Entries taken from a collection:
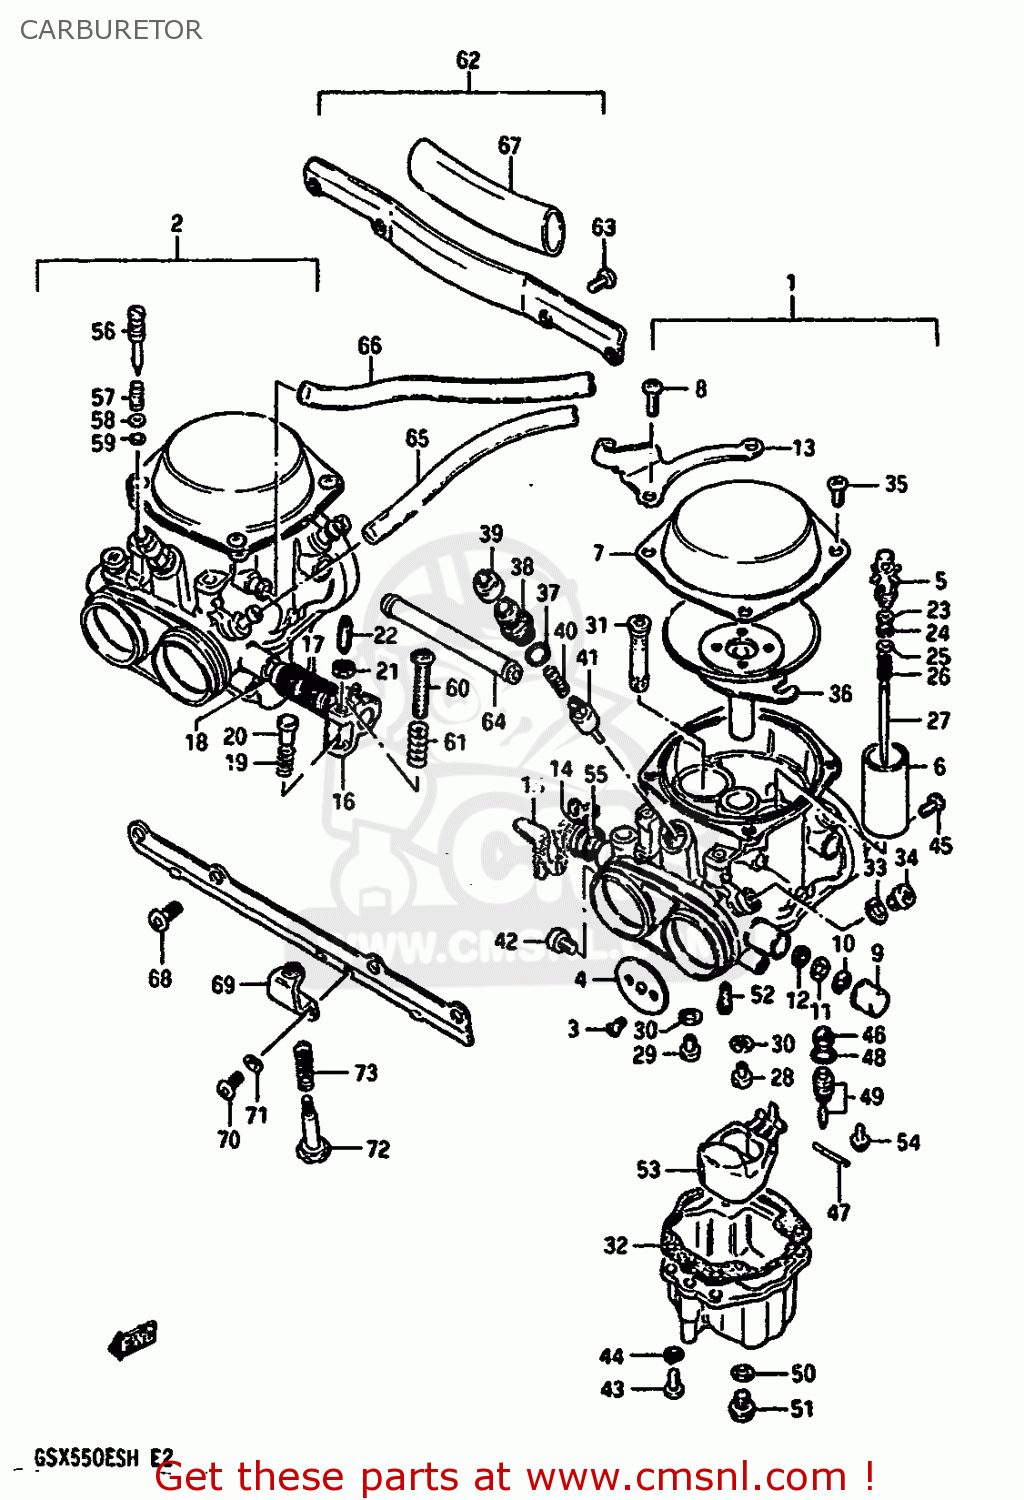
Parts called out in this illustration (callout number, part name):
1	CARBURETOR,LH
2	CARBURETOR,RH
3	SCREW
4	VALVE,THROTTLE
5	HOLDER,GUIDE
6	VALVE,THROTTLE
7	COVER,DIAPHRAGM
8	SCREW
9	CAP,THROTTLE SHAFT
10	E RING
11	GASKET,THROTTLE SHAFT (NAS)
12	SEAL
13	BRACKET,THROTTLE CABLE
14	SPRING,THROTTLE SHAFT
15	SHAFT ASSEMBLY
16	SHAFT ASSEMBLY
17	SPRING
18	RING
19	SPRING,THROTTLE SCREW
20	PIN,THROTTLE LEVER
21	NUT
22	SCREW
23	RING
24	CAP,LEVER
25	WASHER
26	SPRING
27	NEEDLE, JET (5C13-3)
28	JET,MAIN(90)
29	JET,MAIN
30	WASHER,NEEDLE NOZZLE
31	JET,NEEDLE
32	GASKET,FLOAT CHAMBER (MCA)
33	WASHER
34	SCREW
35	SCREW
36	DIAPHRAGM,CARBURETOR
37	O RING
38	HOLDER,GUIDE
39	CAP
40	SPRING
41	VALVE,STARTER
42	SCREW
43	SCREW
44	LOCK WASHER
45	JET
46	FILTER
47	PIN,FLOAT
48	O-RING,NEEDLE VALVE
49	VALVE ASSEMBLY,NEEDLE
50	GASKET (NAS)
51	PLUG,DRAIN
52	JET(40)
53	FLOAT
54	SCREW
55	RING,THROTTLE SHAFT
56	SCREW,PILOT AIR
57	SPRING
58	GASKET
59	O-RING
60	SCREW
61	SPRING
62	FLANGE ASSEMBLY,CARBURETOR
63	SCREW
64	PIPE,CARBURETOR
65	HOSE 4.5X8X600
66	HOSE
67	HOSE(16X19X100)
68	SCREW
69	BRACKET,SLOW ADJUST
70	SCREW
71	LOCK WASHER
72	ADJUSTER
73	SPRING
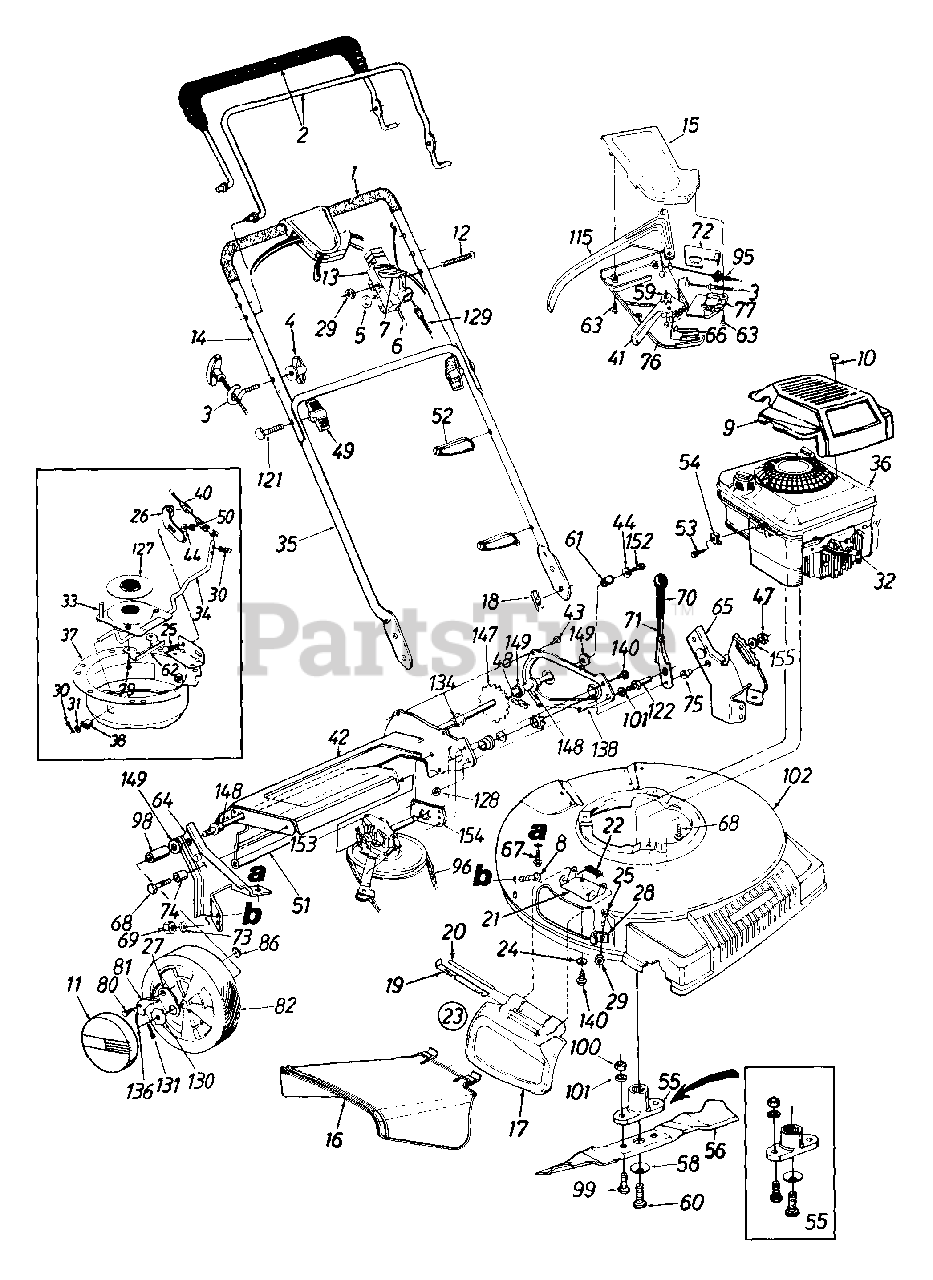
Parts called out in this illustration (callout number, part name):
1	Grip
3	Rope Guide
4	Handle Knob 1/4-20 Thd.
5	Curved Spring Wash..66" I.D.
6	Throttle Wire - 55" Lg.
7	Throttle Lever
8	Carriage Bolt 5/16-18 x .62" Lg.
9	XTE Engine Shroud (Black)
10	Hi-Lo Screw #10 x 1.25" Lg.
11	Hub Cap
12	Oval C-Sunk Mach. Scr.
13	Throttle Body
14	Upper Handle
15	Upper Control Housing
16	Side Chute Deflector
17	Mulch Plug
18	Internal Cotter Pin 5/16" Dia.
20	Hinge Pin
22	Torsion Spring
23	Mulch Plug Ass'y. Comp.
24	Bell-Wash..265" I.D. x .75" O.D.
25	Carriage Bolt 1/4-20 x .5" Lg.
30	Cotter Pin 3/32" Dia. x .75"
31	Fl-Wash..328" I.D. x .68"
32	Spark Plug Insulator
33	Lower Pulley Half Ass'y.
34	Shift Rod
36	Engine - 5 H.P.
40	6 Spd. Cable
41	6 Spd. Shift Lever
44	Bell-Wash. 1/4" I.D.
47	Hex Patch L-Nut 3/8-24 Thd.
48	#48 Chain .500" Pitch x 38 Links
49	Hand Knob
50	Hex L-Nut 1/4-20 Thd.
51	Rear Flap 4.8" x 17.5" Lg.
52	Cable Tie
53	Hex Wash. Hd. Scr. #10-32 x .62" Lg.
54	Casing Clamp
55	Blade Adapter Kit
56	21" Mulching Blade
58	Bell-Wash..47" I.D. x 1.14" O.D.
59	Gear Insert
60	Hex Bolt 7/16-20 x 2.5"
61	Spacer .513" I.D.
67	Hex B-Tap Scr. 5/16-18
68	Hex TT-Tap Scr. 3/8-16
69	Hex Nut 5/16-18 Thd.
71	Height Adj. Lever
72	6 Spd. Rack Cable Brkt.
73	Bell-Wash. 5/16" I.D.
74	Spacer .383" I.D.
75	Shld. Spacer .5" Dia.
76	Lower Control Housing
77	Cable Mounting Cap
79	Hex Wash. Hd. Tap Scr. 1/4-20 x .38" Lg.
80	Shld. Scr. .342" Dia. x .268
81	Pawl
82	Wheel Ass'y. Comp. (Gray Rim)
86	Weld Top L-Nut 1/4-20 Thd.
95	S.P. Cable
96	"V"-Belt
98	Sleeve .526" I.D.
99	Hex Bolt 3/8-24 x 1.0" Lg.
100	Hex Nut 3/8-24 Thd.
101	L-Wash. 3/8" I.D.
121	Curved Hd. Bolt 5/16-18 x 2" Lg.
122	Shld. Pin 1.43" Lg.
127	Pulley Half - Serrated
128	Hex Jam Nut 3/8-24 Thd.
129	Control Cable - 39"
130	Ratchet Wheel 1.62" O.D.
131	Cotter Pin 1/8" Dia. x 1"
134	Hex Flange Bearing
136	Spring - Nylon
147	Rear Shaft Ass'y. 21.44" Lg.
148	Hex Flange Brg. .506" I.D.
149	Fl-Wash..531" I.D. x .930"
152	Hex Bolt 1/4-20 x .62" Lg. (Gr. 5)
153	Transmission Comp. (See Breakdown)
155	Fl-Wash. .385" I.D. x .87" O.D.
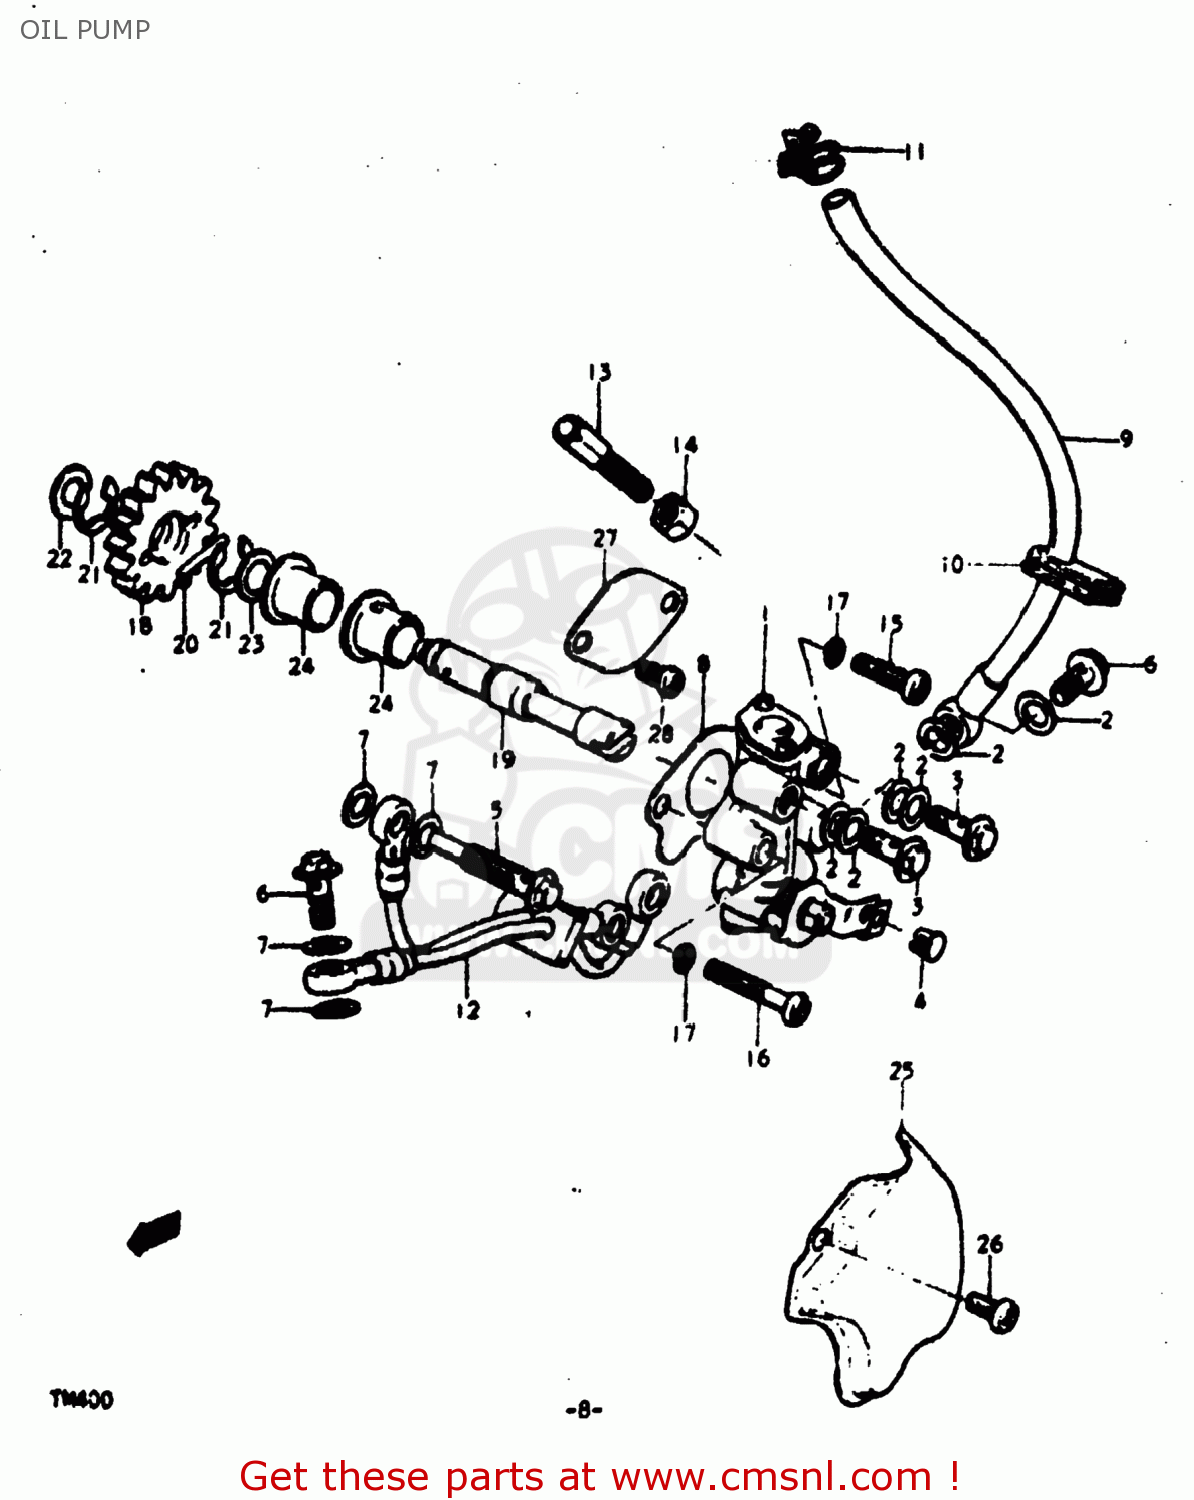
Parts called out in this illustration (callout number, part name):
1	PUMP ASSEMBLY,OIL
2	GASKET (NAS)
3	UNION BOLT
4	TERMINAL,CABLE
5	UNION
6	UNION BOLT
7	GASKET
8	GASKET,OIL PUMP (MCA)
9	HOSE,OIL NO.1
10	GROMMET
11	CLAMP
12	HOSE,OIL NO.2
13	BOLT
14	NUT
15	SCREW
16	SCREW
17	LOCK WASHER
18	GEAR,OIL PUMP DRIVE
19	SHAFT,OIL PUMP IDLE GEAR
20	ROLLER(4X23.8)
21	E RING
22	WASHER
23	SHIM(10X16X1)
24	BUSHING
25	CAP
26	SCREW
27	CAP,OIL PUMP DRIVE SHAFT
28	Screw

§ Your goal
Set down all entries above again, exactly, without images.

§ Response below
Parts called out in this illustration (callout number, part name):
1	CARBURETOR,LH
2	CARBURETOR,RH
3	SCREW
4	VALVE,THROTTLE
5	HOLDER,GUIDE
6	VALVE,THROTTLE
7	COVER,DIAPHRAGM
8	SCREW
9	CAP,THROTTLE SHAFT
10	E RING
11	GASKET,THROTTLE SHAFT (NAS)
12	SEAL
13	BRACKET,THROTTLE CABLE
14	SPRING,THROTTLE SHAFT
15	SHAFT ASSEMBLY
16	SHAFT ASSEMBLY
17	SPRING
18	RING
19	SPRING,THROTTLE SCREW
20	PIN,THROTTLE LEVER
21	NUT
22	SCREW
23	RING
24	CAP,LEVER
25	WASHER
26	SPRING
27	NEEDLE, JET (5C13-3)
28	JET,MAIN(90)
29	JET,MAIN
30	WASHER,NEEDLE NOZZLE
31	JET,NEEDLE
32	GASKET,FLOAT CHAMBER (MCA)
33	WASHER
34	SCREW
35	SCREW
36	DIAPHRAGM,CARBURETOR
37	O RING
38	HOLDER,GUIDE
39	CAP
40	SPRING
41	VALVE,STARTER
42	SCREW
43	SCREW
44	LOCK WASHER
45	JET
46	FILTER
47	PIN,FLOAT
48	O-RING,NEEDLE VALVE
49	VALVE ASSEMBLY,NEEDLE
50	GASKET (NAS)
51	PLUG,DRAIN
52	JET(40)
53	FLOAT
54	SCREW
55	RING,THROTTLE SHAFT
56	SCREW,PILOT AIR
57	SPRING
58	GASKET
59	O-RING
60	SCREW
61	SPRING
62	FLANGE ASSEMBLY,CARBURETOR
63	SCREW
64	PIPE,CARBURETOR
65	HOSE 4.5X8X600
66	HOSE
67	HOSE(16X19X100)
68	SCREW
69	BRACKET,SLOW ADJUST
70	SCREW
71	LOCK WASHER
72	ADJUSTER
73	SPRING
Parts called out in this illustration (callout number, part name):
1	Grip
3	Rope Guide
4	Handle Knob 1/4-20 Thd.
5	Curved Spring Wash..66" I.D.
6	Throttle Wire - 55" Lg.
7	Throttle Lever
8	Carriage Bolt 5/16-18 x .62" Lg.
9	XTE Engine Shroud (Black)
10	Hi-Lo Screw #10 x 1.25" Lg.
11	Hub Cap
12	Oval C-Sunk Mach. Scr.
13	Throttle Body
14	Upper Handle
15	Upper Control Housing
16	Side Chute Deflector
17	Mulch Plug
18	Internal Cotter Pin 5/16" Dia.
20	Hinge Pin
22	Torsion Spring
23	Mulch Plug Ass'y. Comp.
24	Bell-Wash..265" I.D. x .75" O.D.
25	Carriage Bolt 1/4-20 x .5" Lg.
30	Cotter Pin 3/32" Dia. x .75"
31	Fl-Wash..328" I.D. x .68"
32	Spark Plug Insulator
33	Lower Pulley Half Ass'y.
34	Shift Rod
36	Engine - 5 H.P.
40	6 Spd. Cable
41	6 Spd. Shift Lever
44	Bell-Wash. 1/4" I.D.
47	Hex Patch L-Nut 3/8-24 Thd.
48	#48 Chain .500" Pitch x 38 Links
49	Hand Knob
50	Hex L-Nut 1/4-20 Thd.
51	Rear Flap 4.8" x 17.5" Lg.
52	Cable Tie
53	Hex Wash. Hd. Scr. #10-32 x .62" Lg.
54	Casing Clamp
55	Blade Adapter Kit
56	21" Mulching Blade
58	Bell-Wash..47" I.D. x 1.14" O.D.
59	Gear Insert
60	Hex Bolt 7/16-20 x 2.5"
61	Spacer .513" I.D.
67	Hex B-Tap Scr. 5/16-18
68	Hex TT-Tap Scr. 3/8-16
69	Hex Nut 5/16-18 Thd.
71	Height Adj. Lever
72	6 Spd. Rack Cable Brkt.
73	Bell-Wash. 5/16" I.D.
74	Spacer .383" I.D.
75	Shld. Spacer .5" Dia.
76	Lower Control Housing
77	Cable Mounting Cap
79	Hex Wash. Hd. Tap Scr. 1/4-20 x .38" Lg.
80	Shld. Scr. .342" Dia. x .268
81	Pawl
82	Wheel Ass'y. Comp. (Gray Rim)
86	Weld Top L-Nut 1/4-20 Thd.
95	S.P. Cable
96	"V"-Belt
98	Sleeve .526" I.D.
99	Hex Bolt 3/8-24 x 1.0" Lg.
100	Hex Nut 3/8-24 Thd.
101	L-Wash. 3/8" I.D.
121	Curved Hd. Bolt 5/16-18 x 2" Lg.
122	Shld. Pin 1.43" Lg.
127	Pulley Half - Serrated
128	Hex Jam Nut 3/8-24 Thd.
129	Control Cable - 39"
130	Ratchet Wheel 1.62" O.D.
131	Cotter Pin 1/8" Dia. x 1"
134	Hex Flange Bearing
136	Spring - Nylon
147	Rear Shaft Ass'y. 21.44" Lg.
148	Hex Flange Brg. .506" I.D.
149	Fl-Wash..531" I.D. x .930"
152	Hex Bolt 1/4-20 x .62" Lg. (Gr. 5)
153	Transmission Comp. (See Breakdown)
155	Fl-Wash. .385" I.D. x .87" O.D.
Parts called out in this illustration (callout number, part name):
1	PUMP ASSEMBLY,OIL
2	GASKET (NAS)
3	UNION BOLT
4	TERMINAL,CABLE
5	UNION
6	UNION BOLT
7	GASKET
8	GASKET,OIL PUMP (MCA)
9	HOSE,OIL NO.1
10	GROMMET
11	CLAMP
12	HOSE,OIL NO.2
13	BOLT
14	NUT
15	SCREW
16	SCREW
17	LOCK WASHER
18	GEAR,OIL PUMP DRIVE
19	SHAFT,OIL PUMP IDLE GEAR
20	ROLLER(4X23.8)
21	E RING
22	WASHER
23	SHIM(10X16X1)
24	BUSHING
25	CAP
26	SCREW
27	CAP,OIL PUMP DRIVE SHAFT
28	Screw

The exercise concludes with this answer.